Thirdly, consideration will need to be given to the algorithm for determining when a possible passenger or mail trip can be fulfilled by alternative means. What proportion of the time in the past did people physically visit others when a telephone call would have been considered by them to be sufficient had the technology been available? What proportion of letters sent in 1990 would be sent by e-mail by anyone who had the ability to do so in 2000? We may need to break down the passenger trips into further subtypes beyond visiting and commuting so as to simulate which kinds of trips can be satisfied by alternative fulfilment given the current passenger's access to technology and the current free capacity on the network; or alternatively, it may suffice to randomise this. The former may lead to a great increase in complexity, however, and the latter to distortions, so very careful thought will have to be given to this.
Fourthly, we will have to consider the effect of alternative fulfilment on Marchetti's Constant. Will people who can telecommute make more visiting trips as the model predicts? If so, we will need to consider how to model this without breaking the existing modelling of Marchetti's Constant, which is not easy to adapt dynamically (although some basic dynamic adaptation has been added recently as discussed elsewhere).

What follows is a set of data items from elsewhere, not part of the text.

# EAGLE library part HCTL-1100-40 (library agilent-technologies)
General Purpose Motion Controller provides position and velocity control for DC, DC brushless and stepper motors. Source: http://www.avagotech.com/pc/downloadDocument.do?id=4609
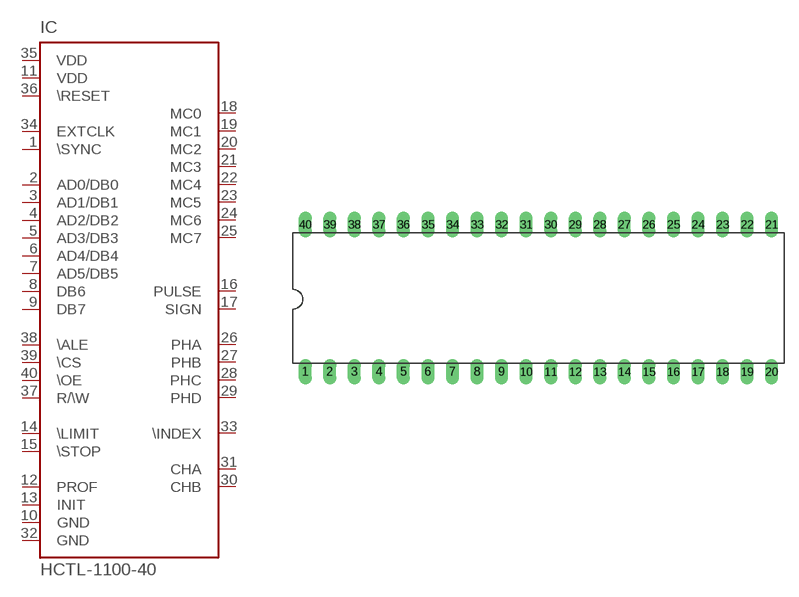
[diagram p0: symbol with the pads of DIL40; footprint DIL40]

Designator prefix IC

## HCTL-1100-40  [DIL40]
1  \SYNC  in
2  AD0/DB0
3  AD1/DB1
4  AD2/DB2
5  AD3/DB3
6  AD4/DB4
7  AD5/DB5
8  DB6
9  DB7
10  GND  pwr
11  VDD  pwr
12  PROF  out
13  INIT  out
14  \LIMIT  in
15  \STOP  in
16  PULSE  out
17  SIGN  out
18  MC0  out
19  MC1  out
20  MC2  out
21  MC3  out
22  MC4  out
23  MC5  out
24  MC6  out
25  MC7  out
26  PHA  out
27  PHB  out
28  PHC  out
29  PHD  out
30  CHB  in
31  CHA  in
32  GND  pwr
33  \INDEX  in
34  EXTCLK  in
35  VDD  pwr
36  \RESET  in
37  R/\W  in
38  \ALE  in
39  \CS  in
40  \OE  in

## Footprint DIL40 (pad centres in mm)
Dual In Line Package
drill 0.813 long: 1 -24.13,-7.62; 2 -21.59,-7.62; 3 -19.05,-7.62; 4 -16.51,-7.62; 5 -13.97,-7.62; 6 -11.43,-7.62; 7 -8.89,-7.62; 8 -6.35,-7.62; 9 -3.81,-7.62; 10 -1.27,-7.62; 11 1.27,-7.62; 12 3.81,-7.62; 13 6.35,-7.62; 14 8.89,-7.62; 15 11.43,-7.62; 16 13.97,-7.62; 17 16.51,-7.62; 18 19.05,-7.62; 19 21.59,-7.62; 20 24.13,-7.62; 21 24.13,7.62; 22 21.59,7.62; 23 19.05,7.62; 24 16.51,7.62; 25 13.97,7.62; 26 11.43,7.62; 27 8.89,7.62; 28 6.35,7.62; 29 3.81,7.62; 30 1.27,7.62; 31 -1.27,7.62; 32 -3.81,7.62; 33 -6.35,7.62; 34 -8.89,7.62; 35 -11.43,7.62; 36 -13.97,7.62; 37 -16.51,7.62; 38 -19.05,7.62; 39 -21.59,7.62; 40 -24.13,7.62
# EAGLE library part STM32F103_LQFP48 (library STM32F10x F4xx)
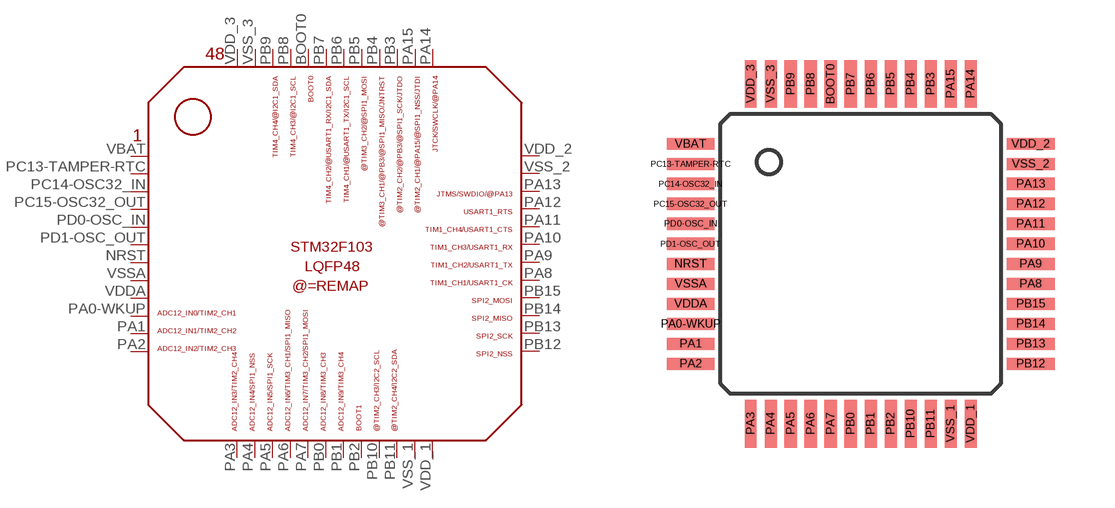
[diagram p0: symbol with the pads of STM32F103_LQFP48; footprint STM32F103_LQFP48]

Designator prefix -

## STM32F103_LQFP48  [STM32F103_LQFP48]
BOOT0  BOOT0
NRST  NRST
PA0-WKUP  PA0-WKUP
PA1  PA1
PA2  PA2
PA3  PA3
PA4  PA4
PA5  PA5
PA6  PA6
PA7  PA7
PA8  PA8
PA9  PA9
PA10  PA10
PA11  PA11
PA12  PA12
PA13  PA13
PA14  PA14
PA15  PA15
PB0  PB0
PB1  PB1
PB2  PB2
PB3  PB3
PB4  PB4
PB5  PB5
PB6  PB6
PB7  PB7
PB8  PB8
PB9  PB9
PB10  PB10
PB11  PB11
PB12  PB12
PB13  PB13
PB14  PB14
PB15  PB15
PC13-TAMPER-RTC  PC13-TAMPER-RTC
PC14-OSC32_IN  PC14-OSC32_IN
PC15-OSC32_OUT  PC15-OSC_OUT
PD0-OSC_IN  PD0-OSC_IN
PD1-OSC_OUT  PD1-OSC_OUT
VBAT  VBAT
VDD_1  VDD_1
VDD_2  VDD_2
VDD_3  VDD_3
VDDA  VDDA
VSS_1  VSS_1
VSS_2  VSS_2
VSS_3  VSS_3
VSSA  VSSA

## Footprint STM32F103_LQFP48 (pad centres in mm)
smd 0.3 x 1.2: BOOT0 -0.75,4.25; PA3 -2.75,-4.25; PA4 -2.25,-4.25; PA5 -1.75,-4.25; PA6 -1.25,-4.25; PA7 -0.75,-4.25; PA14 2.75,4.25; PA15 2.25,4.25; PB0 -0.25,-4.25; PB1 0.25,-4.25; PB2 0.75,-4.25; PB3 1.75,4.25; PB4 1.25,4.25; PB5 0.75,4.25; PB6 0.25,4.25; PB7 -0.25,4.25; PB8 -1.25,4.25; PB9 -1.75,4.25; PB10 1.25,-4.25; PB11 1.75,-4.25; VDD_1 2.75,-4.25; VDD_3 -2.75,4.25; VSS_1 2.25,-4.25; VSS_3 -2.25,4.25
smd 1.2 x 0.3: NRST -4.25,-0.25; PA0-WKUP -4.25,-1.75; PA1 -4.25,-2.25; PA2 -4.25,-2.75; PA8 4.25,-0.75; PA9 4.25,-0.25; PA10 4.25,0.25; PA11 4.25,0.75; PA12 4.25,1.25; PA13 4.25,1.75; PB12 4.25,-2.75; PB13 4.25,-2.25; PB14 4.25,-1.75; PB15 4.25,-1.25; PC13-TAMPER-RTC -4.25,2.25; PC14-OSC32_IN -4.25,1.75; PC15-OSC32_OUT -4.25,1.25; PD0-OSC_IN -4.25,0.75; PD1-OSC_OUT -4.25,0.25; VBAT -4.25,2.75; VDD_2 4.25,2.75; VDDA -4.25,-1.25; VSS_2 4.25,2.25; VSSA -4.25,-0.75

Fifthly, we will need to consider the interaction between this and consumer industries; we may need to invent a whole new home delivery mechanic for consumer industries (and that might link in with the planned private vans feature - another far distant feature long beyond current balancing goals), and that would be a topic deserving of a thread in its own right so complex are the ramifications of that. Of course, this would then allow more traditional forms of home delivery popular in the past, such as milk floats and local bicycle deliveries of groceries. Whether to do this by catchment area or actual pathfinding vehicles will need some thought. A similar model to private cars might be used for such vehicle trips (indeed, much of the same code and even data could be used), but perhaps with different vehicle graphics and statistics, depicting slow milk floats and faster delivery vans, which might share movement code with private cars rather than player vehicles (save that they might not despawn on reaching their destination, but might instead make an immediate return trip).
Bearing in mind that implementation of this feature might take significantly longer than the actual economy takes to move to long-term home working for all or most office workers, I should be grateful for any feedback on this.